Survey Methodology
A method for estimating the effect of classification errors on statistics for two domains
by Yanzhe Li, Sander Scholtus and Arnout van DeldenNote 1
- Release date: January 3, 2024
Abstract
Being able to quantify the accuracy (bias, variance) of published output is crucial in official statistics. Output in official statistics is nearly always divided into subpopulations according to some classification variable, such as mean income by categories of educational level. Such output is also referred to as domain statistics. In the current paper, we limit ourselves to binary classification variables. In practice, misclassifications occur and these contribute to the bias and variance of domain statistics. Existing analytical and numerical methods to estimate this effect have two disadvantages. The first disadvantage is that they require that the misclassification probabilities are known beforehand and the second is that the bias and variance estimates are biased themselves. In the current paper we present a new method, a Gaussian mixture model estimated by an Expectation-Maximisation (EM) algorithm combined with a bootstrap, referred to as the EM bootstrap method. This new method does not require that the misclassification probabilities are known beforehand, although it is more efficient when a small audit sample is used that yields a starting value for the misclassification probabilities in the EM algorithm. We compared the performance of the new method with currently available numerical methods: the bootstrap method and the SIMEX method. Previous research has shown that for non-linear parameters the bootstrap outperforms the analytical expressions. For nearly all conditions tested, the bias and variance estimates that are obtained by the EM bootstrap method are closer to their true values than those obtained by the bootstrap and SIMEX methods. We end this paper by discussing the results and possible future extensions of the method.

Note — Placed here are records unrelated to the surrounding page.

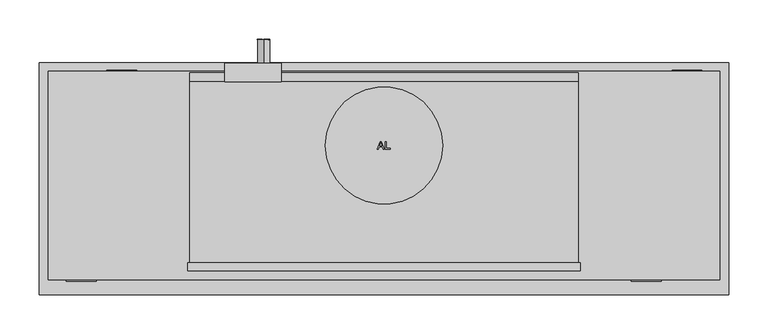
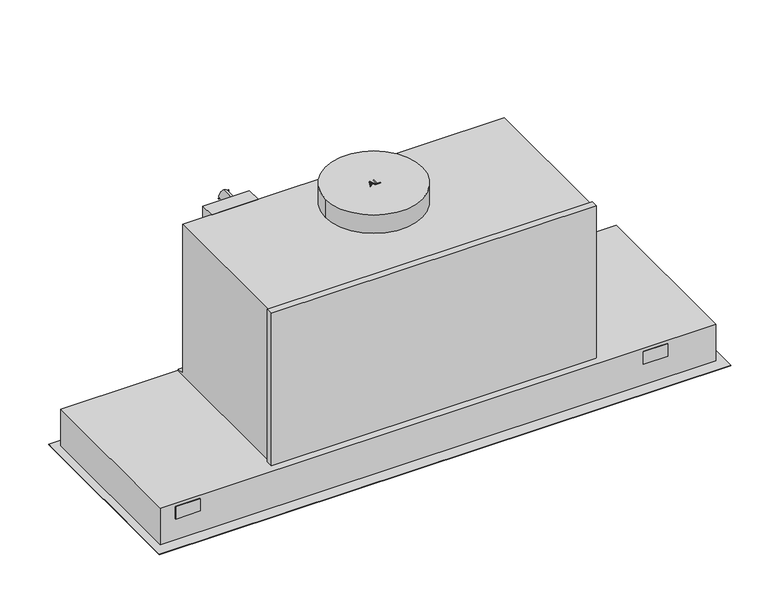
"""IFC4 building model written with IfcOpenShell, lengths in millimetres: proxy geometry, 10861670_F_DA2698_BRWS : 28269835_F_10861670_DA2698_BRWS."""

from ifc_helpers import new_model, si_unit, point, frame, frame_2d, origin, place, context, project, spatial, polyline, circle_curve, ellipse_curve, trimmed, segment, composite_curve, outline, extrude, faceted_brep, source, transform, mapped, element, save
from ifc_brep_helpers import plane_surface, cylinder_surface, revolved_surface, extruded_surface, advanced_brep


def specialty_equipment_ee965aab(model_context):
    return source(origin(), model_context, "Body", "SolidModel", [
        extrude(outline(composite_curve([segment(trimmed(circle_curve(frame_2d((-311.5, -60.0)), 3.253), [point((-314.753, -60.0))], [point((-308.247, -60.0))], False, "CARTESIAN"), True, "CONTINUOUS"), segment(trimmed(circle_curve(frame_2d((-311.5, -60.0)), 3.253), [point((-308.247, -60.0))], [point((-314.753, -60.0))], False, "CARTESIAN"), True, "CONTINUOUS")], self_intersect=False)), frame((0.0, 0.0, 9.5), z_axis=(0.0, 0.0, 1.0), x_axis=(1.0, 0.0, 0.0)), (0.0, 0.0, 1.0), 24.5),
        extrude(outline(composite_curve([segment(trimmed(circle_curve(frame_2d((0.0, -60.0)), 3.25), [point((-3.25, -60.0))], [point((3.25, -60.0))], False, "CARTESIAN"), True, "CONTINUOUS"), segment(trimmed(circle_curve(frame_2d((0.0, -60.0)), 3.25), [point((3.25, -60.0))], [point((-3.25, -60.0))], False, "CARTESIAN"), True, "CONTINUOUS")], self_intersect=False)), frame((0.0, 0.0, 9.5), z_axis=(0.0, 0.0, 1.0), x_axis=(1.0, 0.0, 0.0)), (0.0, 0.0, 1.0), 24.5),
        extrude(outline(composite_curve([segment(trimmed(circle_curve(frame_2d((311.5, -60.0)), 3.25), [point((308.25, -60.0))], [point((314.75, -60.0))], False, "CARTESIAN"), True, "CONTINUOUS"), segment(trimmed(circle_curve(frame_2d((311.5, -60.0)), 3.25), [point((314.75, -60.0))], [point((308.25, -60.0))], False, "CARTESIAN"), True, "CONTINUOUS")], self_intersect=False)), frame((0.0, 0.0, 9.5), z_axis=(0.0, 0.0, 1.0), x_axis=(1.0, 0.0, 0.0)), (0.0, 0.0, 1.0), 24.5),
        extrude(outline(composite_curve([segment(trimmed(circle_curve(frame_2d((311.5, -237.0)), 3.25), [point((308.25, -237.0))], [point((314.75, -237.0))], False, "CARTESIAN"), True, "CONTINUOUS"), segment(trimmed(circle_curve(frame_2d((311.5, -237.0)), 3.25), [point((314.75, -237.0))], [point((308.25, -237.0))], False, "CARTESIAN"), True, "CONTINUOUS")], self_intersect=False)), frame((0.0, 0.0, 9.5), z_axis=(0.0, 0.0, 1.0), x_axis=(1.0, 0.0, 0.0)), (0.0, 0.0, 1.0), 24.5),
        extrude(outline(composite_curve([segment(trimmed(circle_curve(frame_2d((0.0, -237.0)), 3.25), [point((-3.25, -237.0))], [point((3.25, -237.0))], False, "CARTESIAN"), True, "CONTINUOUS"), segment(trimmed(circle_curve(frame_2d((0.0, -237.0)), 3.25), [point((3.25, -237.0))], [point((-3.25, -237.0))], False, "CARTESIAN"), True, "CONTINUOUS")], self_intersect=False)), frame((0.0, 0.0, 9.5), z_axis=(0.0, 0.0, 1.0), x_axis=(1.0, 0.0, 0.0)), (0.0, 0.0, 1.0), 24.5),
        extrude(outline(composite_curve([segment(trimmed(circle_curve(frame_2d((-311.5, -237.0)), 3.25), [point((-314.75, -237.0))], [point((-308.25, -237.0))], False, "CARTESIAN"), True, "CONTINUOUS"), segment(trimmed(circle_curve(frame_2d((-311.5, -237.0)), 3.25), [point((-308.25, -237.0))], [point((-314.75, -237.0))], False, "CARTESIAN"), True, "CONTINUOUS")], self_intersect=False)), frame((0.0, 0.0, 9.5), z_axis=(0.0, 0.0, 1.0), x_axis=(1.0, 0.0, 0.0)), (0.0, 0.0, 1.0), 24.5),
        extrude(outline(polyline([(326.5, -45.0), (326.5, -252.0), (-326.5, -252.0), (-326.5, -45.0), (326.5, -45.0)])), frame((0.0, 0.0, 0.5), z_axis=(0.0, 0.0, 1.0), x_axis=(1.0, 0.0, 0.0)), (0.0, 0.0, 1.0), 9.0),
        extrude(outline(composite_curve([segment(trimmed(circle_curve(frame_2d((0.0, -106.0)), 75.0), [point((75.0, -106.0))], [point((-75.0, -106.0))], False, "CARTESIAN"), True, "CONTINUOUS"), segment(trimmed(circle_curve(frame_2d((0.0, -106.0)), 75.0), [point((-75.0, -106.0))], [point((75.0, -106.0))], False, "CARTESIAN"), True, "CONTINUOUS")], self_intersect=False)), frame((0.0, 0.0, 307.0), z_axis=(0.0, 0.0, 1.0), x_axis=(1.0, 0.0, 0.0)), (0.0, 0.0, 1.0), 30.0),
        extrude(outline(polyline([(-251.5, -256.5), (251.5, -256.5), (251.5, -266.5), (-251.5, -266.5), (-251.5, -256.5)])), frame((0.0, 0.0, 60.0), z_axis=(0.0, 0.0, 1.0), x_axis=(1.0, 0.0, 0.0)), (0.0, 0.0, 1.0), 249.5),
        faceted_brep([(430.0, -11.0, 60.0), (-430.0, -11.0, 60.0), (-430.0, -278.0, 60.0), (430.0, -278.0, 60.0), (430.0, -11.0, 0.0), (430.0, -278.0, 0.0), (-430.0, -278.0, 0.0), (-430.0, -11.0, 0.0), (342.0, -30.0, 0.0), (-342.0, -30.0, 0.0), (-342.0, -267.0, 0.0), (342.0, -267.0, 0.0), (342.0, -30.0, 34.0), (342.0, -267.0, 34.0), (-342.0, -267.0, 34.0), (-342.0, -30.0, 34.0)], [[[0, 1, 2, 3]], [[4, 5, 6, 7], [8, 9, 10, 11]], [[1, 0, 4, 7]], [[2, 1, 7, 6]], [[3, 2, 6, 5]], [[0, 3, 5, 4]], [[12, 13, 14, 15]], [[12, 15, 9, 8]], [[15, 14, 10, 9]], [[14, 13, 11, 10]], [[13, 12, 8, 11]]]),
        faceted_brep([(442.0, 0.0, 0.0), (-442.0, 0.0, 0.0), (-442.0, -297.0, 0.0), (442.0, -297.0, 0.0), (-342.0, -30.0, 0.0), (342.0, -30.0, 0.0), (342.0, -267.0, 0.0), (-342.0, -267.0, 0.0), (-437.669873, -292.669873, -3.0), (-437.669873, -4.330127, -3.0), (437.669873, -4.330127, -3.0), (437.669873, -292.669873, -3.0), (342.0, -30.0, -3.0), (-342.0, -30.0, -3.0), (-342.0, -267.0, -3.0), (342.0, -267.0, -3.0), (442.0, 0.0, -0.5), (-442.0, 0.0, -0.5), (-442.0, -297.0, -0.5), (442.0, -297.0, -0.5)], [[[0, 1, 2, 3], [4, 5, 6, 7]], [[8, 9, 10, 11], [12, 13, 14, 15]], [[1, 0, 16, 17]], [[2, 1, 17, 18]], [[3, 2, 18, 19]], [[0, 3, 19, 16]], [[18, 17, 9, 8]], [[16, 19, 11, 10]], [[8, 11, 19, 18]], [[10, 9, 17, 16]], [[12, 5, 4, 13]], [[13, 4, 7, 14]], [[14, 7, 6, 15]], [[5, 12, 15, 6]]]),
        extrude(outline(polyline([(-8.547125, -111.0), (-4.5372113, -100.954369), (-3.4679009, -100.954369), (0.5420128, -111.0), (-0.7848149, -111.0), (-1.9350593, -107.8607403), (-6.0725055, -107.8607403), (-7.2202973, -111.0), (-8.547125, -111.0)]), holes=[polyline([(-5.6114267, -106.6050364), (-2.3936855, -106.6050364), (-3.2986752, -104.135322), (-4.0025561, -102.2100729), (-4.6279555, -103.9194979), (-5.6114267, -106.6050364)])]), frame((0.0, 0.0, 337.0), z_axis=(0.0, 0.0, 1.0), x_axis=(1.0, 0.0, 0.0)), (0.0, 0.0, 1.0), 1.0),
        extrude(outline(polyline([(1.8835558, -111.0), (1.8835558, -100.954369), (3.1392597, -100.954369), (3.1392597, -109.7442961), (8.1620752, -109.7442961), (8.1620752, -111.0), (1.8835558, -111.0)])), frame((0.0, 0.0, 337.0), z_axis=(0.0, 0.0, 1.0), x_axis=(1.0, 0.0, 0.0)), (0.0, 0.0, 1.0), 1.0),
        extrude(outline(polyline([(285.0, -146.6227397), (295.045631, -146.6227397), (295.045631, -153.843037), (293.7899271, -153.843037), (293.7899271, -147.8784436), (290.8076304, -147.8784436), (290.8076304, -153.529111), (289.5519266, -153.529111), (289.5519266, -147.8784436), (286.2557039, -147.8784436), (286.2557039, -154.0), (285.0, -154.0), (285.0, -146.6227397)])), frame((0.0, 29.4, 0.0), z_axis=(0.0, 1.0, 0.0), x_axis=(0.0, 0.0, 1.0)), (0.0, 0.0, 1.0), 1.0),
        extrude(outline(polyline([(285.0, -155.8835558), (295.045631, -155.8835558), (295.045631, -157.1392597), (286.2557039, -157.1392597), (286.2557039, -162.1620752), (285.0, -162.1620752), (285.0, -155.8835558)])), frame((0.0, 29.4, 0.0), z_axis=(0.0, 1.0, 0.0), x_axis=(0.0, 0.0, 1.0)), (0.0, 0.0, 1.0), 1.0),
        extrude(outline(composite_curve([segment(trimmed(circle_curve(frame_2d((290.0, -154.0)), 7.5), [point((282.5, -154.0))], [point((297.5, -154.0))], False, "CARTESIAN"), True, "CONTINUOUS"), segment(trimmed(circle_curve(frame_2d((290.0, -154.0)), 7.5), [point((297.5, -154.0))], [point((282.5, -154.0))], False, "CARTESIAN"), True, "CONTINUOUS")], self_intersect=False)), frame((0.0, -0.6, 0.0), z_axis=(0.0, 1.0, 0.0), x_axis=(0.0, 0.0, 1.0)), (0.0, 0.0, 1.0), 30.0),
        extrude(outline(polyline([(-131.7, -0.6), (-131.7, -24.5), (-203.9, -24.5), (-203.9, -0.6), (-131.7, -0.6)])), frame((0.0, 0.0, 279.8), z_axis=(0.0, 0.0, 1.0), x_axis=(1.0, 0.0, 0.0)), (0.0, 0.0, 1.0), 27.0),
        extrude(outline(polyline([(-256.5, 307.0), (-24.5, 307.0), (-24.5, 63.5), (-13.0, 63.5), (-13.0, 60.0), (-256.5, 60.0), (-256.5, 307.0)])), frame((-249.0, 0.0, 0.0), z_axis=(1.0, 0.0, 0.0), x_axis=(0.0, 1.0, 0.0)), (0.0, 0.0, 1.0), 498.0),
        extrude(outline(polyline([(369.0, -9.25), (407.0, -9.25), (407.0, -11.0), (369.0, -11.0), (369.0, -9.25)])), frame((0.0, 0.0, 35.0), z_axis=(0.0, 0.0, 1.0), x_axis=(1.0, 0.0, 0.0)), (0.0, 0.0, 1.0), 20.0),
        extrude(outline(polyline([(-355.0, -9.25), (-317.0, -9.25), (-317.0, -11.0), (-355.0, -11.0), (-355.0, -9.25)])), frame((0.0, 0.0, 35.0), z_axis=(0.0, 0.0, 1.0), x_axis=(1.0, 0.0, 0.0)), (0.0, 0.0, 1.0), 20.0),
        extrude(outline(polyline([(-407.0, -278.0), (-369.0, -278.0), (-369.0, -279.65), (-407.0, -279.65), (-407.0, -278.0)])), frame((0.0, 0.0, 35.0), z_axis=(0.0, 0.0, 1.0), x_axis=(1.0, 0.0, 0.0)), (0.0, 0.0, 1.0), 20.0),
        extrude(outline(polyline([(317.0, -278.0), (355.0, -278.0), (355.0, -279.65), (317.0, -279.65), (317.0, -278.0)])), frame((0.0, 0.0, 35.0), z_axis=(0.0, 0.0, 1.0), x_axis=(1.0, 0.0, 0.0)), (0.0, 0.0, 1.0), 20.0),
        advanced_brep(
        [(-390.104, -121.64, -4.0), (-389.296, -121.64, -4.0), (-389.296, -116.288, -4.0), (-389.296, -125.6, -4.0), (-392.0, -123.4, -4.0), (-390.104, -116.424, -4.0), (-390.104, -118.84, -4.0), (-391.0, -120.744, -4.0), (-388.272, -121.64, -4.0), (-387.4, -121.64, -4.0), (-387.4, -120.272, -4.0), (-388.272, -120.272, -4.0), (-390.104, -121.64, -3.0), (-391.0, -120.744, -3.0), (-390.104, -118.84, -3.0), (-390.104, -116.424, -3.0), (-392.0, -123.4, -3.0), (-389.296, -125.6, -3.0), (-389.296, -116.288, -3.0), (-389.296, -121.64, -3.0), (-388.272, -121.64, -3.0), (-388.272, -120.272, -3.0), (-387.4, -120.272, -3.0), (-387.4, -121.64, -3.0)],
        [
            (0, 1),
            (1, 2),
            (2, 3, ellipse_curve(frame((-389.296, -120.944, -4.0), z_axis=(0.0, 0.0, -1.0), x_axis=(0.0, -1.0, 0.0)), 4.656, 3.848)),
            (3, 4, circle_curve(frame((-389.024, -122.5039564, -4.0), z_axis=(0.0, 0.0, -1.0), x_axis=(-1.0, 0.0, 0.0)), 3.1079688)),
            (4, 5, circle_curve(frame((-386.912, -121.0372064, -4.0), z_axis=(0.0, 0.0, -1.0), x_axis=(-1.0, 0.0, 0.0)), 5.6098607)),
            (5, 6),
            (6, 7, circle_curve(frame((-389.36, -120.3529412, -4.0), z_axis=(0.0, 0.0, 1.0), x_axis=(-1.0, 0.0, 0.0)), 1.6859795)),
            (7, 0, circle_curve(frame((-390.104, -120.744, -4.0), z_axis=(0.0, 0.0, 1.0), x_axis=(-1.0, 0.0, 0.0)), 0.896)),
            (8, 9),
            (9, 10, circle_curve(frame((-387.4, -120.956, -4.0), z_axis=(0.0, 0.0, 1.0), x_axis=(-1.0, 0.0, 0.0)), 0.684)),
            (10, 11),
            (11, 8),
            (12, 13, circle_curve(frame((-390.104, -120.744, -3.0), z_axis=(0.0, 0.0, -1.0), x_axis=(-1.0, 0.0, 0.0)), 0.896)),
            (13, 14, circle_curve(frame((-389.36, -120.3529412, -3.0), z_axis=(0.0, 0.0, -1.0), x_axis=(-1.0, 0.0, 0.0)), 1.6859795)),
            (14, 15),
            (15, 16, circle_curve(frame((-386.912, -121.0372064, -3.0), z_axis=(0.0, 0.0, 1.0), x_axis=(-1.0, 0.0, 0.0)), 5.6098607)),
            (16, 17, circle_curve(frame((-389.024, -122.5039564, -3.0), z_axis=(0.0, 0.0, 1.0), x_axis=(-1.0, 0.0, 0.0)), 3.1079688)),
            (17, 18, ellipse_curve(frame((-389.296, -120.944, -3.0), z_axis=(0.0, 0.0, 1.0), x_axis=(0.0, -1.0, 0.0)), 4.656, 3.848)),
            (18, 19),
            (19, 12),
            (20, 21),
            (21, 22),
            (22, 23, circle_curve(frame((-387.4, -120.956, -3.0), z_axis=(0.0, 0.0, -1.0), x_axis=(-1.0, 0.0, 0.0)), 0.684)),
            (23, 20),
            (0, 12),
            (19, 1),
            (18, 2),
            (5, 15),
            (14, 6),
            (17, 3),
            (13, 7),
            (16, 4),
            (8, 20),
            (23, 9),
            (22, 10),
            (21, 11),
        ],
        [
            plane_surface(frame((-389.296, -121.64, -4.0), z_axis=(0.0, 0.0, -1.0), x_axis=(1.0, 0.0, 0.0))),
            plane_surface(frame((-389.296, -121.64, -3.0), z_axis=(0.0, 0.0, 1.0), x_axis=(-1.0, 0.0, 0.0))),
            plane_surface(frame((-390.104, -121.64, -4.0), z_axis=(0.0, 1.0, 0.0), x_axis=(0.0, 0.0, 1.0))),
            plane_surface(frame((-389.296, -121.64, -4.0), z_axis=(-1.0, 0.0, 0.0), x_axis=(0.0, 0.0, 1.0))),
            plane_surface(frame((-390.104, -116.424, -4.0), z_axis=(1.0, 0.0, 0.0), x_axis=(0.0, 0.0, 1.0))),
            extruded_surface(trimmed(ellipse_curve(frame((-389.296, -120.944, -2.0), z_axis=(0.0, 0.0, -1.0), x_axis=(0.0, -1.0, 0.0)), 4.656, 3.848), [point((-389.296, -116.288, -2.0))], [point((-389.296, -125.6, -2.0))], True, "CARTESIAN"), (0.0, 0.0, -1.0), 1.0),
            revolved_surface(polyline([(-391.0459795, -120.3529412, -3.0), (-391.0459795, -120.3529412, -4.0)]), (-389.36, -120.3529412, -3.0), (0.0, 0.0, 1.0)),
            revolved_surface(polyline([(-391.0, -120.744, -3.0), (-391.0, -120.744, -4.0)]), (-390.104, -120.744, -3.0), (0.0, 0.0, 1.0)),
            cylinder_surface(frame((-389.024, -122.5039564, -3.0), z_axis=(0.0, 0.0, -1.0), x_axis=(-1.0, 0.0, 0.0)), 3.1079688),
            cylinder_surface(frame((-386.912, -121.0372064, -3.0), z_axis=(0.0, 0.0, -1.0), x_axis=(-1.0, 0.0, 0.0)), 5.6098607),
            plane_surface(frame((-388.272, -121.64, -4.0), z_axis=(0.0, 1.0, 0.0), x_axis=(0.0, 0.0, 1.0))),
            revolved_surface(polyline([(-388.084, -120.956, -3.0), (-388.084, -120.956, -4.0)]), (-387.4, -120.956, -3.0), (0.0, 0.0, 1.0)),
            plane_surface(frame((-387.4, -120.272, -4.0), z_axis=(0.0, -1.0, 0.0), x_axis=(0.0, 0.0, 1.0))),
            plane_surface(frame((-388.272, -120.272, -4.0), z_axis=(1.0, 0.0, 0.0), x_axis=(0.0, 0.0, 1.0))),
        ],
        [
            (0, [[1, 2, 3, 4, 5, 6, 7, 8], [9, 10, 11, 12]]),
            (1, [[13, 14, 15, 16, 17, 18, 19, 20], [21, 22, 23, 24]]),
            (2, [[-1, 25, -20, 26]]),
            (3, [[-2, -26, -19, 27]]),
            (4, [[-6, 28, -15, 29]]),
            (5, [[-3, -27, -18, 30]]),
            (6, [[-7, -29, -14, 31]]),
            (7, [[-8, -31, -13, -25]]),
            (8, [[-4, -30, -17, 32]]),
            (9, [[-5, -32, -16, -28]]),
            (10, [[-9, 33, -24, 34]]),
            (11, [[-10, -34, -23, 35]]),
            (12, [[-11, -35, -22, 36]]),
            (13, [[-12, -36, -21, -33]]),
        ],
    ),
        advanced_brep(
        [(-390.104, -138.336, -4.0), (-389.296, -138.336, -4.0), (-389.296, -132.984, -4.0), (-389.296, -142.296, -4.0), (-392.0, -140.096, -4.0), (-390.104, -133.12, -4.0), (-390.104, -135.536, -4.0), (-391.0, -137.44, -4.0), (-388.272, -138.336, -4.0), (-387.4, -138.336, -4.0), (-387.4, -136.968, -4.0), (-388.272, -136.968, -4.0), (-390.104, -138.336, -3.0), (-391.0, -137.44, -3.0), (-390.104, -135.536, -3.0), (-390.104, -133.12, -3.0), (-392.0, -140.096, -3.0), (-389.296, -142.296, -3.0), (-389.296, -132.984, -3.0), (-389.296, -138.336, -3.0), (-388.272, -138.336, -3.0), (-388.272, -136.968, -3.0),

Key Words: Bias; Variance; Misclassification; Binary classifier; Gaussian mixture model; EM algorithm.
Table of contents
- Section 1. Introduction
- Section 2. Methodology
- Section 3. Simulation study
- Section 4. Case study
- Section 5. Discussion
- Acknowledgements
- Appendix
- References
How to cite
Li, Y., Scholtus, S. and van Delden, A. (2023). A method for estimating the effect of classification errors on statistics for two domains. Survey Methodology, Statistics Canada, Catalogue No. 12‑001‑X, Vol. 49, No. 2. Paper available at http://www.statcan.gc.ca/pub/12-001-x/2023002/article/00002-eng.htm.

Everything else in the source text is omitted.